[Records contained in a dataset]
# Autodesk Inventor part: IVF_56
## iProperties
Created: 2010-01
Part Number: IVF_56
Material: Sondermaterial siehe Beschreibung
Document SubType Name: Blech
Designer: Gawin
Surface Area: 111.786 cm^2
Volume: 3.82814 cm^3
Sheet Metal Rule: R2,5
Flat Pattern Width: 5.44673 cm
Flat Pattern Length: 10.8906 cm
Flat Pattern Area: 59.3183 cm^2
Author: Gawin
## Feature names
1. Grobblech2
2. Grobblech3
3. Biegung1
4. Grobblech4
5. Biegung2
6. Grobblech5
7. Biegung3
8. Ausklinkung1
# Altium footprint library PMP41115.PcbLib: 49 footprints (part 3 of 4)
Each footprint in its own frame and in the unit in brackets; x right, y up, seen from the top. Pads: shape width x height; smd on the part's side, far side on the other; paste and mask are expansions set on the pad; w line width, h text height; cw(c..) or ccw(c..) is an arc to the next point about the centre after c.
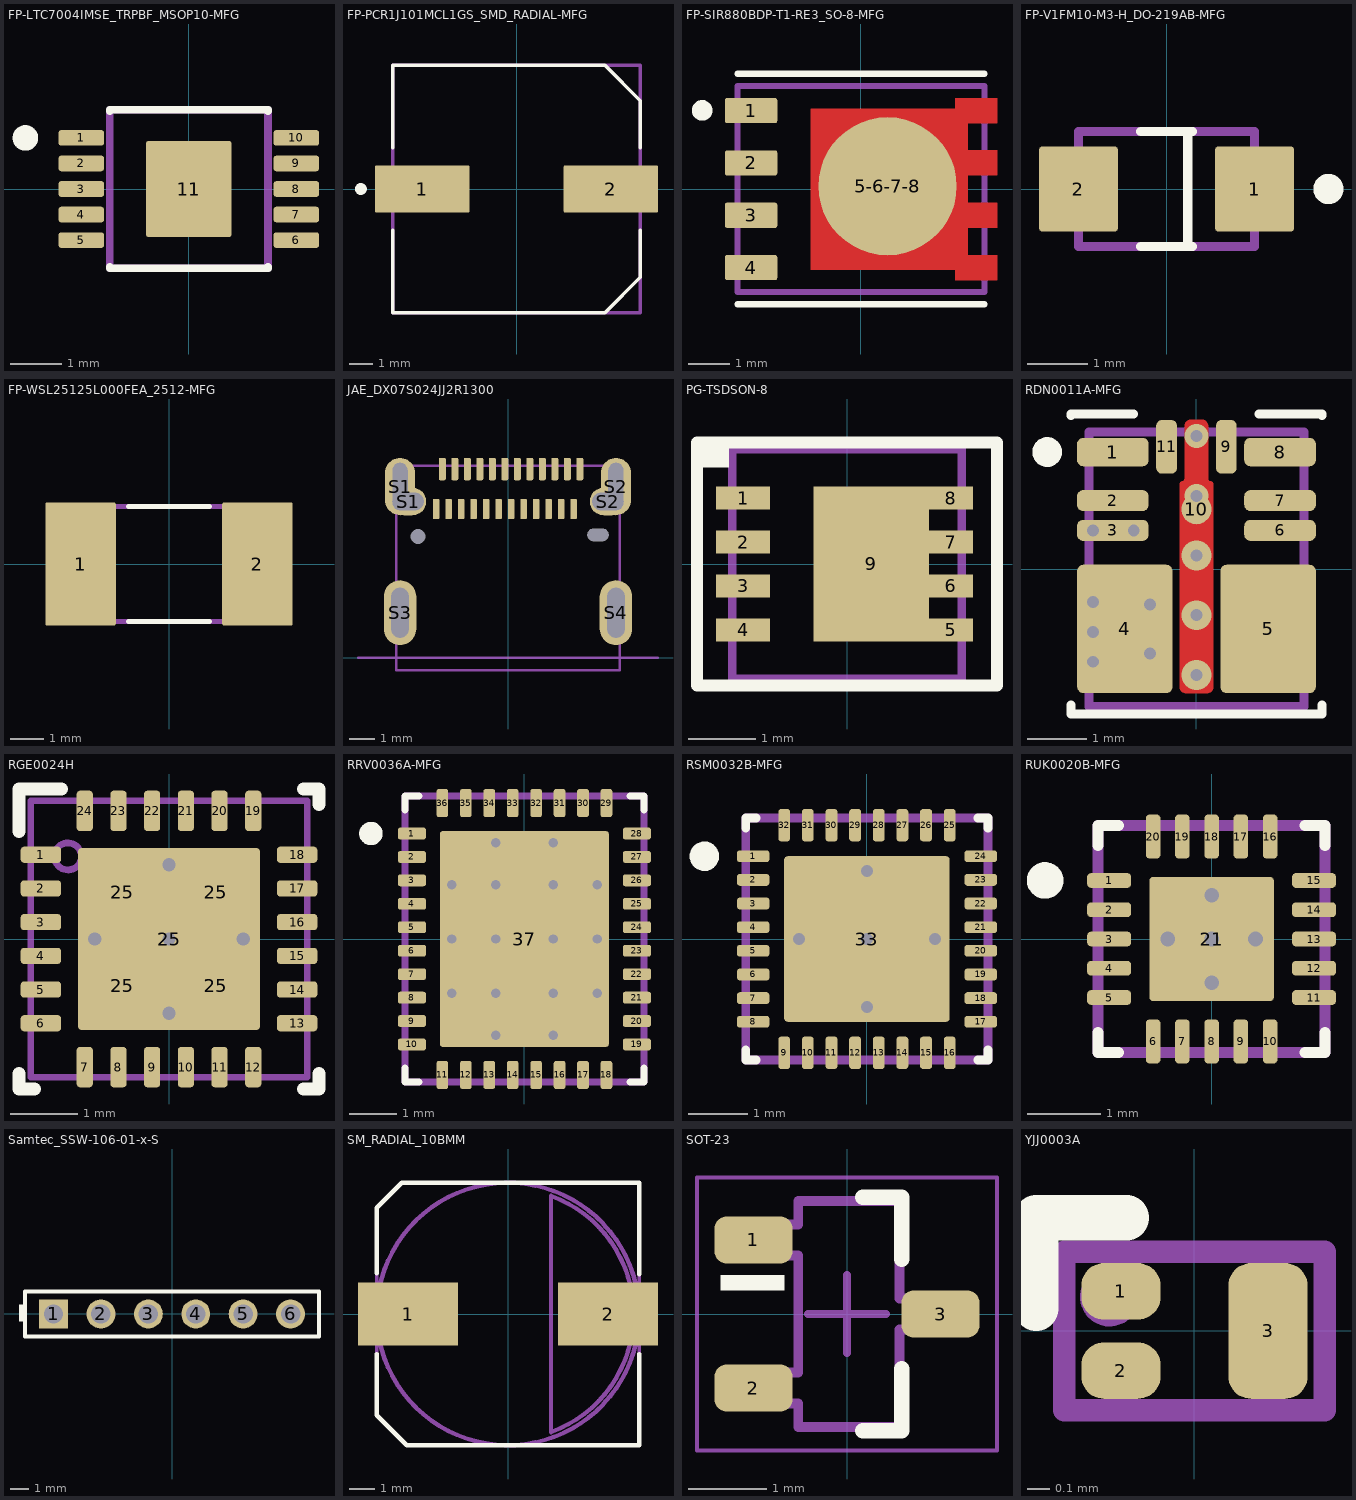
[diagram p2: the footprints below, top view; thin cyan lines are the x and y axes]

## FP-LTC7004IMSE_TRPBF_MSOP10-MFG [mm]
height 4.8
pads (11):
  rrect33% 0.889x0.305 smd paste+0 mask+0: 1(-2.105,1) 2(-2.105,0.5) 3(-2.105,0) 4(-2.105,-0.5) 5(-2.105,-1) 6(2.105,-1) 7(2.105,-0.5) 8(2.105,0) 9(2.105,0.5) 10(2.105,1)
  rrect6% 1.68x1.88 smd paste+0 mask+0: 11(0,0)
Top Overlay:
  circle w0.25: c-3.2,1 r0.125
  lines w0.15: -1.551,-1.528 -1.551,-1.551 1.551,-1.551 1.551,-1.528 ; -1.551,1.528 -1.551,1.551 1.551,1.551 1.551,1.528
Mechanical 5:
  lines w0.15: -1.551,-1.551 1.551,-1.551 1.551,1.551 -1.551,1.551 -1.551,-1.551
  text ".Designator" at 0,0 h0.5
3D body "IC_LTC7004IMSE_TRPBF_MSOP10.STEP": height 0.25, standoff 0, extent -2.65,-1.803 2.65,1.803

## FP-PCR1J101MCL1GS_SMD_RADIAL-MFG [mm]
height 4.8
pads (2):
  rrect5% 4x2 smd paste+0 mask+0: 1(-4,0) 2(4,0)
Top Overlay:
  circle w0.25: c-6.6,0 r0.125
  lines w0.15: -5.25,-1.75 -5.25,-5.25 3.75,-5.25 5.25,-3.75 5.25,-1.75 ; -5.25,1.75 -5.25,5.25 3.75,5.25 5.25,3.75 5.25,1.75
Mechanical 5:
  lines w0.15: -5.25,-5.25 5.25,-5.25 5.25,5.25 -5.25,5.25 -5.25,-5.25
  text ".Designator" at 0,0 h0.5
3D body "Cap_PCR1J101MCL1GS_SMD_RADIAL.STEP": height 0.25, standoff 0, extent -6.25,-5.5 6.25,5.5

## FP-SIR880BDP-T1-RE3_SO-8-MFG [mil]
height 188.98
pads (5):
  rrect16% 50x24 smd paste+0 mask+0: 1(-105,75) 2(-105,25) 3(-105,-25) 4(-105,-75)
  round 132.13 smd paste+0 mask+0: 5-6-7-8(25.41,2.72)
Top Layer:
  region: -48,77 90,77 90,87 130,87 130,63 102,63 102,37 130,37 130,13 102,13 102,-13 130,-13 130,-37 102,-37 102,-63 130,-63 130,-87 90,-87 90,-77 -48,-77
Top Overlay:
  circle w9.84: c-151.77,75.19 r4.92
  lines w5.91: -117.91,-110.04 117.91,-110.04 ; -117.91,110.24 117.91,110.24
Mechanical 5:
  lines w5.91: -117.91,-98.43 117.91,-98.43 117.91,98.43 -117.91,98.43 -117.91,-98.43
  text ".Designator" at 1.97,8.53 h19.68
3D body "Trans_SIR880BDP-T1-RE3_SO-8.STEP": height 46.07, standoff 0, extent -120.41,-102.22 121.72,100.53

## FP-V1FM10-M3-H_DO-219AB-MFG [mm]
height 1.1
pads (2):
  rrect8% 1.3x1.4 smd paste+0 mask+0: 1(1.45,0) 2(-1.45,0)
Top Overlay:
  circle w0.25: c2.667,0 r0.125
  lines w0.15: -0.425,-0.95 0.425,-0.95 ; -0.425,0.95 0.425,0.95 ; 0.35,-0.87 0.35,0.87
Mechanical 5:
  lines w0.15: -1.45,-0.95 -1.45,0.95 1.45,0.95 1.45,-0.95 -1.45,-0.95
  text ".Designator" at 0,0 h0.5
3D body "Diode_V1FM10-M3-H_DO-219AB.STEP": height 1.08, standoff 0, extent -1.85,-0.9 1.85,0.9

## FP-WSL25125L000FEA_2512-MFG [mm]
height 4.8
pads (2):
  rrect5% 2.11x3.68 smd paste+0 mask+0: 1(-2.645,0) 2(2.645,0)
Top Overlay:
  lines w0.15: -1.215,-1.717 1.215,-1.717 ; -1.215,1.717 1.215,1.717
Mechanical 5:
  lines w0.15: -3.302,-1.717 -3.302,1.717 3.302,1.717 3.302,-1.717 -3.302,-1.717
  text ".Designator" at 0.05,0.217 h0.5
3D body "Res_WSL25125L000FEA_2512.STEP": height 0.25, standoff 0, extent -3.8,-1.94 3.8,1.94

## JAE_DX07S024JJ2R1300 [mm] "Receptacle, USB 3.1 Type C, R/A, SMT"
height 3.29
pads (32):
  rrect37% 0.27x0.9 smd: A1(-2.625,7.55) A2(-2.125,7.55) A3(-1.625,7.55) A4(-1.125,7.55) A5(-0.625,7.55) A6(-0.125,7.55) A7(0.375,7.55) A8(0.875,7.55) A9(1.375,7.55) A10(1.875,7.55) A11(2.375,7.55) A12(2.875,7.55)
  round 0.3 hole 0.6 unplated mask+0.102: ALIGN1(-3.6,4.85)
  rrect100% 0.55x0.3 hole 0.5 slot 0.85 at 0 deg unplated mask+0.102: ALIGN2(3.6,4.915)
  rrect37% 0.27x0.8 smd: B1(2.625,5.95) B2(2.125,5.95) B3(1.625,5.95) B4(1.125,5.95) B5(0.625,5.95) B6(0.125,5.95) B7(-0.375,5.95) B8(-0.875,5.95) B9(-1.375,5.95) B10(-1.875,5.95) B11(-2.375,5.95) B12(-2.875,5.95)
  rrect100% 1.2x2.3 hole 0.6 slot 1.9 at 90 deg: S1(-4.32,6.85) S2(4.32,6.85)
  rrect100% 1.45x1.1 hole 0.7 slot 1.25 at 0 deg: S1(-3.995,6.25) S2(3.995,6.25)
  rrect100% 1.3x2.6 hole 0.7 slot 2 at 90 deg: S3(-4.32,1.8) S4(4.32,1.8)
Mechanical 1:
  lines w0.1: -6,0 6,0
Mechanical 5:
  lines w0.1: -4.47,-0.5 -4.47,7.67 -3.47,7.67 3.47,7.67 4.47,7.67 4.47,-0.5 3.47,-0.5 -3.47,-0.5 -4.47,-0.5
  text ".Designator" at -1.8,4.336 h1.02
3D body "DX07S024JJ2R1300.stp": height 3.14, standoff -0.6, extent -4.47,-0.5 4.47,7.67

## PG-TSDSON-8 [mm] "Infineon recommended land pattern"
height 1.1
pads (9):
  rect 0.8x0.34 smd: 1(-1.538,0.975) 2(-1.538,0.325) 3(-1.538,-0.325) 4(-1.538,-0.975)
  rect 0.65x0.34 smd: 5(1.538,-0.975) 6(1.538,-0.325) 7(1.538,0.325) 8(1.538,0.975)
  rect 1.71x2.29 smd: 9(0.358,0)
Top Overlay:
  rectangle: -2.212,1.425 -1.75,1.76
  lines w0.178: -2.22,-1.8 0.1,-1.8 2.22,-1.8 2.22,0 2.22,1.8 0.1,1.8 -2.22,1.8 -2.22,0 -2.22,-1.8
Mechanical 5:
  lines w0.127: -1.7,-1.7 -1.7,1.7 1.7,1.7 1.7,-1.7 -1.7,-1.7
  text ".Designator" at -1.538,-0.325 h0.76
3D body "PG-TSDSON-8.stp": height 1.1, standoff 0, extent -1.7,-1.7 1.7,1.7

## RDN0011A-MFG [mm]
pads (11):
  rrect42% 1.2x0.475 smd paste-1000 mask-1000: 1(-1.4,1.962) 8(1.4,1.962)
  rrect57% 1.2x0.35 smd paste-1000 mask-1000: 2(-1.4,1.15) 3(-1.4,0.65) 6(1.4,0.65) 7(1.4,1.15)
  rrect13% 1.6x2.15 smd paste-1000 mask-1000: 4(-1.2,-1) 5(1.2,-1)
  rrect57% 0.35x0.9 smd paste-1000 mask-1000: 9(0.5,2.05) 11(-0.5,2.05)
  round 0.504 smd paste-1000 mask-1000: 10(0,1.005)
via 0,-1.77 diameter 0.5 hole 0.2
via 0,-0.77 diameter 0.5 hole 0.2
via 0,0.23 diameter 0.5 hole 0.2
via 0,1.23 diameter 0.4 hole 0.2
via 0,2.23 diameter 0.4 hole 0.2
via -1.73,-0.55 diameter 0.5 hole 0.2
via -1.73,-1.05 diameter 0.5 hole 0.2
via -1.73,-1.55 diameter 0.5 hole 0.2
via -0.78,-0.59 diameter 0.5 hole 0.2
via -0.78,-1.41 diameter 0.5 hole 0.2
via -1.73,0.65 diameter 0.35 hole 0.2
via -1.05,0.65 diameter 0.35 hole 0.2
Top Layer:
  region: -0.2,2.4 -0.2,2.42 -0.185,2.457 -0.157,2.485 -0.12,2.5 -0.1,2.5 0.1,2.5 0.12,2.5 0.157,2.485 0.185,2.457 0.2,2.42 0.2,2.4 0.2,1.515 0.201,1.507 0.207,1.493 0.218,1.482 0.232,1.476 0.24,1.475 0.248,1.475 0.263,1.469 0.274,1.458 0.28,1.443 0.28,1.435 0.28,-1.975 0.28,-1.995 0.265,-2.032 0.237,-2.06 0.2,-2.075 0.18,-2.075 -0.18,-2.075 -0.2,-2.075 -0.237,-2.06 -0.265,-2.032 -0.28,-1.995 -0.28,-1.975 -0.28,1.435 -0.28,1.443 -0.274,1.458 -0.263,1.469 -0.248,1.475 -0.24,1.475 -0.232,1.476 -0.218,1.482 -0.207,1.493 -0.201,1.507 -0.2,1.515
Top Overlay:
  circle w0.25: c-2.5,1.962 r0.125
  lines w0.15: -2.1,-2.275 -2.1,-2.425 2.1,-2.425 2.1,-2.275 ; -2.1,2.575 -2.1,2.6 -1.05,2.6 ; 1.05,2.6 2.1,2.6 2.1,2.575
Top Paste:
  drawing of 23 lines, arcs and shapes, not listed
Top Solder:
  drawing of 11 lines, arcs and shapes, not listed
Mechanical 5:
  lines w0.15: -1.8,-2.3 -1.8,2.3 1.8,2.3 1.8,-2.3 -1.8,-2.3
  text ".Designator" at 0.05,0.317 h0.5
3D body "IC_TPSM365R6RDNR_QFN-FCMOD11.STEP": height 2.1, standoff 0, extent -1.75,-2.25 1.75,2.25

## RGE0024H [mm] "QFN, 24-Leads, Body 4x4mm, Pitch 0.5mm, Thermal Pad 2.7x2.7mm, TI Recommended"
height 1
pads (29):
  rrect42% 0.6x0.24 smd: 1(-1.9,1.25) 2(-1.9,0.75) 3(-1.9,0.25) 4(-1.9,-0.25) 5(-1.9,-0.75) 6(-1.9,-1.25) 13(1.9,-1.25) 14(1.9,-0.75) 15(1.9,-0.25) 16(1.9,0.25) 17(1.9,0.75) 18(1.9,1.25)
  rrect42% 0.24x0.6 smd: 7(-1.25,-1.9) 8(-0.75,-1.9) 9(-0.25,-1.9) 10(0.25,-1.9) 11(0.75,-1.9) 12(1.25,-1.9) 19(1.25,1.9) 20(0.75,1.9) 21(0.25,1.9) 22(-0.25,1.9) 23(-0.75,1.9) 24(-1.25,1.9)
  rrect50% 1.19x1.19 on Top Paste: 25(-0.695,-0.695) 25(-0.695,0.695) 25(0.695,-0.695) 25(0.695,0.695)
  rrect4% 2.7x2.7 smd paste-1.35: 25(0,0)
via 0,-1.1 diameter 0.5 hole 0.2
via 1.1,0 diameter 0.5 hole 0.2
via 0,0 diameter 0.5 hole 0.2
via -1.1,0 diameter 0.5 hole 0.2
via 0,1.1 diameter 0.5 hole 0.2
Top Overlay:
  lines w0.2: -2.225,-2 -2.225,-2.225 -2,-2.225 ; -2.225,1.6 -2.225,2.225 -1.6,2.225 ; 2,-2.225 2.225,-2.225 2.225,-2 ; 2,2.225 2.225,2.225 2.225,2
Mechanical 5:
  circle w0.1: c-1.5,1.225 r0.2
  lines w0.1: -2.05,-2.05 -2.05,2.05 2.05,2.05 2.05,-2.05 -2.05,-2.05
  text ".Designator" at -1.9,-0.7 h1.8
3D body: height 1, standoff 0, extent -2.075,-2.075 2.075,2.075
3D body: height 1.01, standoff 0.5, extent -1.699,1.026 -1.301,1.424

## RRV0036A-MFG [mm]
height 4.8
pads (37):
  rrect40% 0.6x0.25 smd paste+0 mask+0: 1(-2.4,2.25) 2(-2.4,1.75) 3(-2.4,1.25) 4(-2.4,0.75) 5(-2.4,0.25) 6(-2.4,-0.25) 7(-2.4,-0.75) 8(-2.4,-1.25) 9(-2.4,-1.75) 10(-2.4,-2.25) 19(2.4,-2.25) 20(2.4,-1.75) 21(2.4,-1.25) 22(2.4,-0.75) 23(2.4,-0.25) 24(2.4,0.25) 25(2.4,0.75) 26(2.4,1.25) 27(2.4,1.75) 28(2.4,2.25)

_WHAT TO DO_:
Copy the lines above exactly. Start with the line containing "lines w0.15: -1.215,-1.717", end with the line containing "rrect37% 0.27x0.9 smd: A1(-2.625,7.55)", and include both.

_SOLUTION FOR THIS TASK_:
  lines w0.15: -1.215,-1.717 1.215,-1.717 ; -1.215,1.717 1.215,1.717
Mechanical 5:
  lines w0.15: -3.302,-1.717 -3.302,1.717 3.302,1.717 3.302,-1.717 -3.302,-1.717
  text ".Designator" at 0.05,0.217 h0.5
3D body "Res_WSL25125L000FEA_2512.STEP": height 0.25, standoff 0, extent -3.8,-1.94 3.8,1.94

## JAE_DX07S024JJ2R1300 [mm] "Receptacle, USB 3.1 Type C, R/A, SMT"
height 3.29
pads (32):
  rrect37% 0.27x0.9 smd: A1(-2.625,7.55) A2(-2.125,7.55) A3(-1.625,7.55) A4(-1.125,7.55) A5(-0.625,7.55) A6(-0.125,7.55) A7(0.375,7.55) A8(0.875,7.55) A9(1.375,7.55) A10(1.875,7.55) A11(2.375,7.55) A12(2.875,7.55)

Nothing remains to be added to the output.